This is fun. I added a new command to guestfish which lets you create sparse disk files. This makes it really easy to test out the limits of partitions and Linux filesystems.
Starting modestly, I tried a 1 terabyte disk:
$ guestfish Welcome to guestfish, the libguestfs filesystem interactive shell for editing virtual machine filesystems. Type: 'help' for help with commands 'quit' to quit the shell ><fs> sparse /tmp/test.img 1T ><fs> run
The real disk image so far isn’t so big, just 4K according to “du”:
$ ll -h /tmp/test.img -rw-rw-r-- 1 rjones rjones 1T 2009-11-04 17:52 /tmp/test.img $ du -h /tmp/test.img 4.0K /tmp/test.img
Let’s partition it:
><fs> sfdiskM /dev/vda ,
The partition table only uses 1 sector, so the disk image has increased to just 8K. Let’s make an ext2 filesystem on the first partition:
><fs> mkfs ext2 /dev/vda1
This command takes some time, and the sparse disk file has grown. To 17 GB, so ext2 has an approx 1.7% overhead.
We can mount the filesystem and look at it:
><fs> mount /dev/vda1 / ><fs> df-h Filesystem Size Used Avail Use% Mounted on /dev/vda1 1008G 72M 957G 1% /sysroot
Can we try this with larger and larger virtual disks? In theory yes, in practice the 1.7% overhead proves to be a problem. A 10T experiment would require a very real 170GB of local disk space, and where I was hoping to go, 100T and beyond, would be too large for my test machines.

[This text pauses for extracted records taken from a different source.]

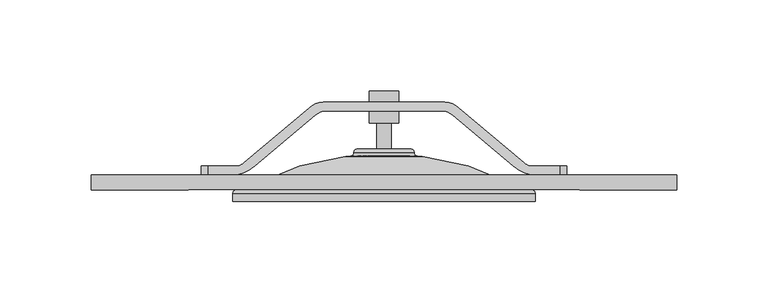
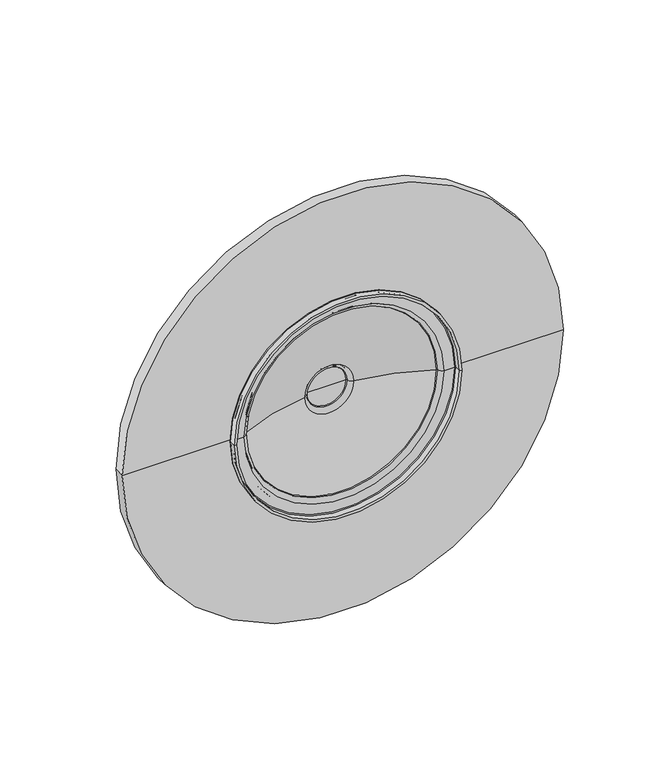
"""IFC4 building model written with IfcOpenShell, lengths in millimetres: proxy geometry, BVNC 300 8Y. : BVNC 300 8Y."""

from ifc_helpers import new_model, si_unit, point, frame, origin, place, context, project, spatial, polyline, circle_curve, ellipse_curve, trimmed, source, transform, mapped, element, save
from ifc_brep_helpers import plane_surface, cylinder_surface, revolved_surface, advanced_brep


def mechanical_equipment_492a67d3(model_context):
    return source(origin(), model_context, "Body", "AdvancedBrep", [
        advanced_brep(
        [(44.3795006, 108.0, 2610.0), (54.2298211, 113.0, 2610.0), (87.44309, 140.8692417, 2610.0), (91.8102497, 143.0, 2610.0), (125.0, 143.0, 2610.0), (158.1897503, 143.0, 2610.0), (162.55691, 140.8692417, 2610.0), (195.7701789, 113.0, 2610.0), (205.6204994, 108.0, 2610.0), (221.2200072, 108.0, 2610.0), (221.2200072, 113.0, 2610.0), (205.6204994, 113.0, 2610.0), (201.5540671, 114.8851429, 2610.0), (165.874925, 144.8234979, 2610.0), (158.1897503, 148.0, 2610.0), (125.0, 148.0, 2610.0), (91.8102497, 148.0, 2610.0), (84.125075, 144.8234979, 2610.0), (48.4459329, 114.8851429, 2610.0), (44.3795006, 113.0, 2610.0), (28.7799928, 113.0, 2610.0), (28.7799928, 108.0, 2610.0), (44.3795006, 113.0, 2590.0), (48.4459329, 114.8851429, 2590.0), (84.125075, 144.8234979, 2590.0), (91.8102497, 148.0, 2590.0), (125.0, 148.0, 2590.0), (158.1897503, 148.0, 2590.0), (165.874925, 144.8234979, 2590.0), (201.5540671, 114.8851429, 2590.0), (205.6204994, 113.0, 2590.0), (221.2200072, 113.0, 2590.0), (221.2200072, 108.0, 2590.0), (205.6204994, 108.0, 2590.0), (195.7701789, 113.0, 2590.0), (162.55691, 140.8692417, 2590.0), (158.1897503, 143.0, 2590.0), (125.0, 143.0, 2590.0), (91.8102497, 143.0, 2590.0), (87.44309, 140.8692417, 2590.0), (54.2298211, 113.0, 2590.0), (44.3795006, 108.0, 2590.0), (28.7799928, 108.0, 2590.0), (28.7799928, 113.0, 2590.0), (25.0, 108.0, 2606.2200072), (25.0, 108.0, 2593.7799928), (225.0, 108.0, 2593.7799928), (225.0, 108.0, 2606.2200072), (225.0, 113.0, 2593.7799928), (225.0, 113.0, 2606.2200072), (25.0, 113.0, 2593.7799928), (25.0, 113.0, 2606.2200072)],
        [
            (0, 1, circle_curve(frame((38.5511411, 131.6851233, 2610.0), z_axis=(0.0, 0.0, 1.0), x_axis=(1.0, 0.0, 0.0)), 24.3916961)),
            (1, 2),
            (2, 3, circle_curve(frame((93.9022065, 133.1715663, 2610.0), z_axis=(0.0, 0.0, -1.0), x_axis=(1.0, 0.0, 0.0)), 10.0486015)),
            (3, 4),
            (4, 5),
            (5, 6, circle_curve(frame((156.0977935, 133.1715663, 2610.0), z_axis=(0.0, 0.0, -1.0), x_axis=(-1.0, 0.0, 0.0)), 10.0486015)),
            (6, 7),
            (7, 8, circle_curve(frame((211.4488589, 131.6851233, 2610.0), z_axis=(0.0, 0.0, 1.0), x_axis=(-1.0, 0.0, 0.0)), 24.3916961)),
            (8, 9),
            (9, 10),
            (10, 11),
            (11, 12, circle_curve(frame((205.6204994, 118.3284116, 2610.0), z_axis=(0.0, 0.0, -1.0), x_axis=(-1.0, 0.0, 0.0)), 5.3284116)),
            (12, 13),
            (13, 14, circle_curve(frame((158.1897503, 137.115059, 2610.0), z_axis=(0.0, 0.0, 1.0), x_axis=(-1.0, 0.0, 0.0)), 10.884941)),
            (14, 15),
            (15, 16),
            (16, 17, circle_curve(frame((91.8102497, 137.115059, 2610.0), z_axis=(0.0, 0.0, 1.0), x_axis=(1.0, 0.0, 0.0)), 10.884941)),
            (17, 18),
            (18, 19, circle_curve(frame((44.3795006, 118.3284116, 2610.0), z_axis=(0.0, 0.0, -1.0), x_axis=(1.0, 0.0, 0.0)), 5.3284116)),
            (19, 20),
            (20, 21),
            (21, 0),
            (22, 23, circle_curve(frame((44.3795006, 118.3284116, 2590.0), z_axis=(0.0, 0.0, 1.0), x_axis=(1.0, 0.0, 0.0)), 5.3284116)),
            (23, 24),
            (24, 25, circle_curve(frame((91.8102497, 137.115059, 2590.0), z_axis=(0.0, 0.0, -1.0), x_axis=(1.0, 0.0, 0.0)), 10.884941)),
            (25, 26),
            (26, 27),
            (27, 28, circle_curve(frame((158.1897503, 137.115059, 2590.0), z_axis=(0.0, 0.0, -1.0), x_axis=(-1.0, 0.0, 0.0)), 10.884941)),
            (28, 29),
            (29, 30, circle_curve(frame((205.6204994, 118.3284116, 2590.0), z_axis=(0.0, 0.0, 1.0), x_axis=(-1.0, 0.0, 0.0)), 5.3284116)),
            (30, 31),
            (31, 32),
            (32, 33),
            (33, 34, circle_curve(frame((211.4488589, 131.6851233, 2590.0), z_axis=(0.0, 0.0, -1.0), x_axis=(-1.0, 0.0, 0.0)), 24.3916961)),
            (34, 35),
            (35, 36, circle_curve(frame((156.0977935, 133.1715663, 2590.0), z_axis=(0.0, 0.0, 1.0), x_axis=(-1.0, 0.0, 0.0)), 10.0486015)),
            (36, 37),
            (37, 38),
            (38, 39, circle_curve(frame((93.9022065, 133.1715663, 2590.0), z_axis=(0.0, 0.0, 1.0), x_axis=(1.0, 0.0, 0.0)), 10.0486015)),
            (39, 40),
            (40, 41, circle_curve(frame((38.5511411, 131.6851233, 2590.0), z_axis=(0.0, 0.0, -1.0), x_axis=(1.0, 0.0, 0.0)), 24.3916961)),
            (41, 42),
            (42, 43),
            (43, 22),
            (41, 0),
            (21, 44, circle_curve(frame((28.7799928, 108.0, 2606.2200072), z_axis=(0.0, -1.0, 0.0), x_axis=(1.0, 0.0, 0.0)), 3.7799928)),
            (44, 45),
            (45, 42, circle_curve(frame((28.7799928, 108.0, 2593.7799928), z_axis=(0.0, -1.0, 0.0), x_axis=(1.0, 0.0, 0.0)), 3.7799928)),
            (40, 1),
            (39, 2),
            (38, 3),
            (37, 4),
            (36, 5),
            (35, 6),
            (34, 7),
            (33, 8),
            (32, 46, circle_curve(frame((221.2200072, 108.0, 2593.7799928), z_axis=(0.0, -1.0, 0.0), x_axis=(-1.0, 0.0, 0.0)), 3.7799928)),
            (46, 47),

In fact there is another limitation before we reach there. Local sparse files on my host ext4 filesystem are themselves limited to under 16T:
><fs> sparse /tmp/test.img 16T write: File too large ><fs> sparse /tmp/test.img 15T
Although the appliance does boot with that 15T virtual disk:
><fs> blockdev-getsize64 /dev/vda 16492674416640
Update
I noticed from Wikipedia that XFS has a maximum file size of 8 exabytes – 1 byte. By creating a temporary XFS filesystem on the host, I was able to create a 256TB virtual disk:
><fs> sparse /mnt/tmp/test/test.img 256T ><fs> run ><fs> blockdev-getsize64 /dev/vda 281474976710656
Unfortunately at this point things break down. MBR partitions won’t work on such a huge disk, or at least sfdisk can’t partition it correctly.
I’m not sure what my options are at this point, but at least this is an interesting experiment in hitting limitations.
You can partition it using GPT.
parted /dev/vda mklabel gpt
parted /dev/vda mkpart p …..
Yeah, we really really need to implement parted support in libguestfs. This issue makes it more pressing. sfdisk just doesn’t cut it.
That’s correct > 2TB file systems is normal these days.
parted is the way to go.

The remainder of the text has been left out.